Problem statement: All entries are to be reproduced exactly; the pictures are to be omitted.

Data records:
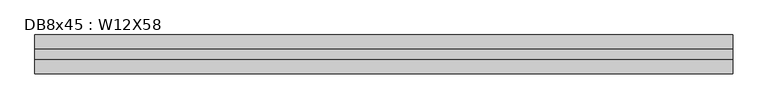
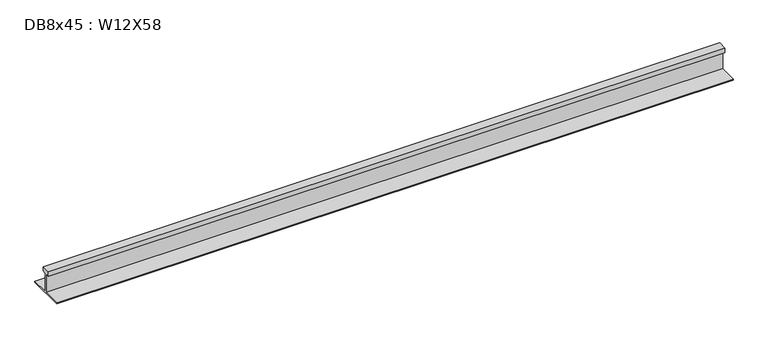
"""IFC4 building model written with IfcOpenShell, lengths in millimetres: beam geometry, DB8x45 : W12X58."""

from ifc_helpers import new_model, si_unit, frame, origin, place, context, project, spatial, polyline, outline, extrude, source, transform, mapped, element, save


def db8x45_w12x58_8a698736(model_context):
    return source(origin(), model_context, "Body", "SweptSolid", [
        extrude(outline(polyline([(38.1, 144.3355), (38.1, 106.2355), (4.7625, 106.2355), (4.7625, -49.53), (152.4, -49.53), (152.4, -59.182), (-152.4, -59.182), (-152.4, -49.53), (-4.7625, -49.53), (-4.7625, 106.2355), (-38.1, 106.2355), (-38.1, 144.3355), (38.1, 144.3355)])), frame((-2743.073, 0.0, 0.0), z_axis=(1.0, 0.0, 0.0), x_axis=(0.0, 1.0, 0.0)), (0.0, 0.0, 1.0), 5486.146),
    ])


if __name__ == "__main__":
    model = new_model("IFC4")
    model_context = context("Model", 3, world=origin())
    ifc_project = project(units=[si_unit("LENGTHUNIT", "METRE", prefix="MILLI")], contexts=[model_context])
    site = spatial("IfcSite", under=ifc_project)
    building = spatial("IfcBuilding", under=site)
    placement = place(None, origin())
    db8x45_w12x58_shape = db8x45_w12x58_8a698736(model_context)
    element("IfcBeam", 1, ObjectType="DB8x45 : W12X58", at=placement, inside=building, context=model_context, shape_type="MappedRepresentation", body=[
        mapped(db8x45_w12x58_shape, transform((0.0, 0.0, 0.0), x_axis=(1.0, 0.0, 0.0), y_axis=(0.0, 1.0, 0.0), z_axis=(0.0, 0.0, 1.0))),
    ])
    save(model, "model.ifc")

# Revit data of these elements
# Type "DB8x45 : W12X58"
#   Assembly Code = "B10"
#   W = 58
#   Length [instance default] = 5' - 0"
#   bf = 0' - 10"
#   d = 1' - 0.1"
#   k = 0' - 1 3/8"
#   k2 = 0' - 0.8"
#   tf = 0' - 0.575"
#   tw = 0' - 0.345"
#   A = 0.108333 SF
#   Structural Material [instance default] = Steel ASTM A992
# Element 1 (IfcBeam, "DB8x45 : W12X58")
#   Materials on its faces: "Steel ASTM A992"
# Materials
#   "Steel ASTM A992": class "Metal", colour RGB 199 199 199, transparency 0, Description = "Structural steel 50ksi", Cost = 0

Answer section:
"""IFC4 building model written with IfcOpenShell, lengths in millimetres: beam geometry, DB8x45 : W12X58."""

from ifc_helpers import new_model, si_unit, frame, origin, place, context, project, spatial, polyline, outline, extrude, source, transform, mapped, element, save


def db8x45_w12x58_8a698736(model_context):
    return source(origin(), model_context, "Body", "SweptSolid", [
        extrude(outline(polyline([(38.1, 144.3355), (38.1, 106.2355), (4.7625, 106.2355), (4.7625, -49.53), (152.4, -49.53), (152.4, -59.182), (-152.4, -59.182), (-152.4, -49.53), (-4.7625, -49.53), (-4.7625, 106.2355), (-38.1, 106.2355), (-38.1, 144.3355), (38.1, 144.3355)])), frame((-2743.073, 0.0, 0.0), z_axis=(1.0, 0.0, 0.0), x_axis=(0.0, 1.0, 0.0)), (0.0, 0.0, 1.0), 5486.146),
    ])


if __name__ == "__main__":
    model = new_model("IFC4")
    model_context = context("Model", 3, world=origin())
    ifc_project = project(units=[si_unit("LENGTHUNIT", "METRE", prefix="MILLI")], contexts=[model_context])
    site = spatial("IfcSite", under=ifc_project)
    building = spatial("IfcBuilding", under=site)
    placement = place(None, origin())
    db8x45_w12x58_shape = db8x45_w12x58_8a698736(model_context)
    element("IfcBeam", 1, ObjectType="DB8x45 : W12X58", at=placement, inside=building, context=model_context, shape_type="MappedRepresentation", body=[
        mapped(db8x45_w12x58_shape, transform((0.0, 0.0, 0.0), x_axis=(1.0, 0.0, 0.0), y_axis=(0.0, 1.0, 0.0), z_axis=(0.0, 0.0, 1.0))),
    ])
    save(model, "model.ifc")

# Revit data of these elements
# Type "DB8x45 : W12X58"
#   Assembly Code = "B10"
#   W = 58
#   Length [instance default] = 5' - 0"
#   bf = 0' - 10"
#   d = 1' - 0.1"
#   k = 0' - 1 3/8"
#   k2 = 0' - 0.8"
#   tf = 0' - 0.575"
#   tw = 0' - 0.345"
#   A = 0.108333 SF
#   Structural Material [instance default] = Steel ASTM A992
# Element 1 (IfcBeam, "DB8x45 : W12X58")
#   Materials on its faces: "Steel ASTM A992"
# Materials
#   "Steel ASTM A992": class "Metal", colour RGB 199 199 199, transparency 0, Description = "Structural steel 50ksi", Cost = 0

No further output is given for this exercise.